Ich hab meinen Tintenstrahler (Lexmark 1100) 2004 verschenkt. Bei dem Teil waren die Patronen genauso teuer wie der Drucker selbst. Und bis zu dem Zeitpunkt hatte ich es auch nicht hinbekommen, damit unter Linux zu drucken (Scheiß GDI). 

Ich hab einen alten Laserdrucker geschenkt bekommen (Brother HL-760). Das Teil hat zwar 'ne Macke, es druckt am linken Rand immer einen dreckigen schwarzen Streifen, den man auch durch Reinigen oder andere Basteleien wegbekommt. Der Drucker zeigte mir schon damals an, daß der Toner fast leer sei. Nun ja, das Teil druckt heut immernoch.

Fazit: 

Wenn du nur schwarz-weiß drucken willst, hol Dir einen Laserdrucker.
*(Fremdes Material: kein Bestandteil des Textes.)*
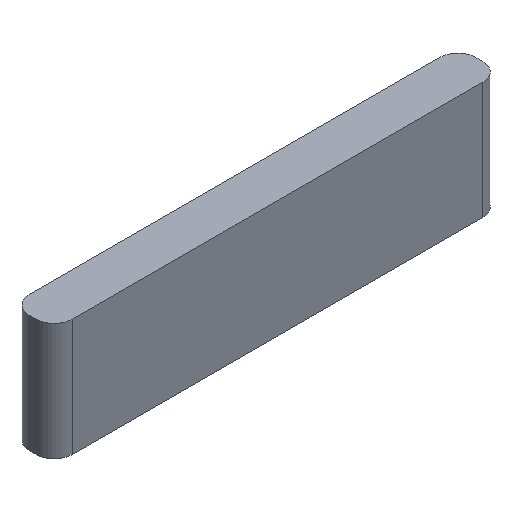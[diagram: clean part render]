
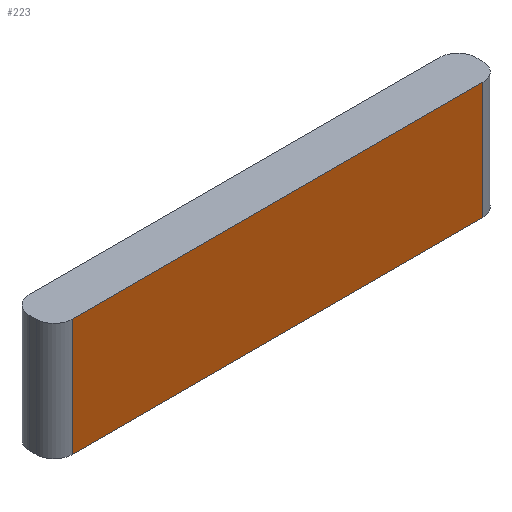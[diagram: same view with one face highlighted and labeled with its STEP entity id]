
A CAD part, isometric view. The second image highlights one B-rep face of the part: STEP entity #223.
In plain terms, the highlighted planar face has unit normal (0, -1, 0).
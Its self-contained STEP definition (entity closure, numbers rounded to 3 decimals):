
#44 = CYLINDRICAL_SURFACE('',#45,0.8);
#45 = AXIS2_PLACEMENT_3D('',#46,#47,#48);
#46 = CARTESIAN_POINT('',(-30.5,47.5,-21.7));
#47 = DIRECTION('',(0.,0.,-1.));
#48 = DIRECTION('',(-1.,0.,0.));
#72 = PLANE('',#73);
#73 = AXIS2_PLACEMENT_3D('',#74,#75,#76);
#74 = CARTESIAN_POINT('',(-21.4,47.65,-16.5));
#75 = DIRECTION('',(0.,0.,1.));
#76 = DIRECTION('',(1.,0.,0.));
#126 = PLANE('',#127);
#127 = AXIS2_PLACEMENT_3D('',#128,#129,#130);
#128 = CARTESIAN_POINT('',(-21.4,47.65,-21.7));
#129 = DIRECTION('',(0.,0.,1.));
#130 = DIRECTION('',(1.,0.,0.));
#141 = EDGE_CURVE('',#142,#144,#146,.T.);
#142 = VERTEX_POINT('',#143);
#143 = CARTESIAN_POINT('',(-30.5,46.7,-21.7));
#144 = VERTEX_POINT('',#145);
#145 = CARTESIAN_POINT('',(-30.5,46.7,-16.5));
#146 = SURFACE_CURVE('',#147,(#151,#158),.PCURVE_S1.);
#147 = LINE('',#148,#149);
#148 = CARTESIAN_POINT('',(-30.5,46.7,-21.7));
#149 = VECTOR('',#150,1.);
#150 = DIRECTION('',(0.,0.,1.));
#151 = PCURVE('',#44,#152);
#152 = DEFINITIONAL_REPRESENTATION('',(#153),#157);
#153 = LINE('',#154,#155);
#154 = CARTESIAN_POINT('',(4.712,0.));
#155 = VECTOR('',#156,1.);
#156 = DIRECTION('',(0.,-1.));
#157 = ( GEOMETRIC_REPRESENTATION_CONTEXT(2) 
PARAMETRIC_REPRESENTATION_CONTEXT() REPRESENTATION_CONTEXT('2D SPACE',''
  ) );
#158 = PCURVE('',#159,#164);
#159 = PLANE('',#160);
#160 = AXIS2_PLACEMENT_3D('',#161,#162,#163);
#161 = CARTESIAN_POINT('',(-30.5,46.7,-21.7));
#162 = DIRECTION('',(0.,1.,0.));
#163 = DIRECTION('',(1.,0.,0.));
#164 = DEFINITIONAL_REPRESENTATION('',(#165),#169);
#165 = LINE('',#166,#167);
#166 = CARTESIAN_POINT('',(0.,0.));
#167 = VECTOR('',#168,1.);
#168 = DIRECTION('',(0.,-1.));
#169 = ( GEOMETRIC_REPRESENTATION_CONTEXT(2) 
PARAMETRIC_REPRESENTATION_CONTEXT() REPRESENTATION_CONTEXT('2D SPACE',''
  ) );
#223 = ADVANCED_FACE('',(#224),#159,.F.);
#224 = FACE_BOUND('',#225,.F.);
#225 = EDGE_LOOP('',(#226,#227,#250,#278));
#226 = ORIENTED_EDGE('',*,*,#141,.T.);
#227 = ORIENTED_EDGE('',*,*,#228,.T.);
#228 = EDGE_CURVE('',#144,#229,#231,.T.);
#229 = VERTEX_POINT('',#230);
#230 = CARTESIAN_POINT('',(-12.3,46.7,-16.5));
#231 = SURFACE_CURVE('',#232,(#236,#243),.PCURVE_S1.);
#232 = LINE('',#233,#234);
#233 = CARTESIAN_POINT('',(-21.4,46.7,-16.5));
#234 = VECTOR('',#235,1.);
#235 = DIRECTION('',(1.,0.,0.));
#236 = PCURVE('',#159,#237);
#237 = DEFINITIONAL_REPRESENTATION('',(#238),#242);
#238 = LINE('',#239,#240);
#239 = CARTESIAN_POINT('',(9.1,-5.2));
#240 = VECTOR('',#241,1.);
#241 = DIRECTION('',(1.,0.));
#242 = ( GEOMETRIC_REPRESENTATION_CONTEXT(2) 
PARAMETRIC_REPRESENTATION_CONTEXT() REPRESENTATION_CONTEXT('2D SPACE',''
  ) );
#243 = PCURVE('',#72,#244);
#244 = DEFINITIONAL_REPRESENTATION('',(#245),#249);
#245 = LINE('',#246,#247);
#246 = CARTESIAN_POINT('',(0.,-0.95));
#247 = VECTOR('',#248,1.);
#248 = DIRECTION('',(1.,0.));
#249 = ( GEOMETRIC_REPRESENTATION_CONTEXT(2) 
PARAMETRIC_REPRESENTATION_CONTEXT() REPRESENTATION_CONTEXT('2D SPACE',''
  ) );
#250 = ORIENTED_EDGE('',*,*,#251,.F.);
#251 = EDGE_CURVE('',#252,#229,#254,.T.);
#252 = VERTEX_POINT('',#253);
#253 = CARTESIAN_POINT('',(-12.3,46.7,-21.7));
#254 = SURFACE_CURVE('',#255,(#259,#266),.PCURVE_S1.);
#255 = LINE('',#256,#257);
#256 = CARTESIAN_POINT('',(-12.3,46.7,-21.7));
#257 = VECTOR('',#258,1.);
#258 = DIRECTION('',(0.,0.,1.));
#259 = PCURVE('',#159,#260);
#260 = DEFINITIONAL_REPRESENTATION('',(#261),#265);
#261 = LINE('',#262,#263);
#262 = CARTESIAN_POINT('',(18.2,0.));
#263 = VECTOR('',#264,1.);
#264 = DIRECTION('',(0.,-1.));
#265 = ( GEOMETRIC_REPRESENTATION_CONTEXT(2) 
PARAMETRIC_REPRESENTATION_CONTEXT() REPRESENTATION_CONTEXT('2D SPACE',''
  ) );
#266 = PCURVE('',#267,#272);
#267 = CYLINDRICAL_SURFACE('',#268,0.8);
#268 = AXIS2_PLACEMENT_3D('',#269,#270,#271);
#269 = CARTESIAN_POINT('',(-12.3,47.5,-21.7));
#270 = DIRECTION('',(0.,0.,-1.));
#271 = DIRECTION('',(-1.,0.,0.));
#272 = DEFINITIONAL_REPRESENTATION('',(#273),#277);
#273 = LINE('',#274,#275);
#274 = CARTESIAN_POINT('',(4.712,0.));
#275 = VECTOR('',#276,1.);
#276 = DIRECTION('',(0.,-1.));
#277 = ( GEOMETRIC_REPRESENTATION_CONTEXT(2) 
PARAMETRIC_REPRESENTATION_CONTEXT() REPRESENTATION_CONTEXT('2D SPACE',''
  ) );
#278 = ORIENTED_EDGE('',*,*,#279,.F.);
#279 = EDGE_CURVE('',#142,#252,#280,.T.);
#280 = SURFACE_CURVE('',#281,(#285,#292),.PCURVE_S1.);
#281 = LINE('',#282,#283);
#282 = CARTESIAN_POINT('',(-21.4,46.7,-21.7));
#283 = VECTOR('',#284,1.);
#284 = DIRECTION('',(1.,0.,0.));
#285 = PCURVE('',#159,#286);
#286 = DEFINITIONAL_REPRESENTATION('',(#287),#291);
#287 = LINE('',#288,#289);
#288 = CARTESIAN_POINT('',(9.1,0.));
#289 = VECTOR('',#290,1.);
#290 = DIRECTION('',(1.,0.));
#291 = ( GEOMETRIC_REPRESENTATION_CONTEXT(2) 
PARAMETRIC_REPRESENTATION_CONTEXT() REPRESENTATION_CONTEXT('2D SPACE',''
  ) );
#292 = PCURVE('',#126,#293);
#293 = DEFINITIONAL_REPRESENTATION('',(#294),#298);
#294 = LINE('',#295,#296);
#295 = CARTESIAN_POINT('',(0.,-0.95));
#296 = VECTOR('',#297,1.);
#297 = DIRECTION('',(1.,0.));
#298 = ( GEOMETRIC_REPRESENTATION_CONTEXT(2) 
PARAMETRIC_REPRESENTATION_CONTEXT() REPRESENTATION_CONTEXT('2D SPACE',''
  ) );

Damit schlägst du im Gesamtpreis (gedruckte Seitenanzahl + Anschaffungskosten) jeden Tintenstrahler.

Wenn du bunt drucken willst und wirklich auf Qualität setzt, hol Dir einen Farblaser.

----------

## b3cks

 *musv wrote:*   

> Das Teil hat zwar 'ne Macke, es druckt am linken Rand immer einen dreckigen schwarzen Streifen, den man auch durch Reinigen oder andere Basteleien wegbekommt.

 

Da fehlt ein nicht, oder? Wenn du wirklich alles sauber gemacht und kontrolliert hast, vor allem die Rollen, dann ist es mit Pech die Heizeinheit und die ist, im Verhältnis zum privaten Laserdrucker, wahrscheinlicht recht teuer.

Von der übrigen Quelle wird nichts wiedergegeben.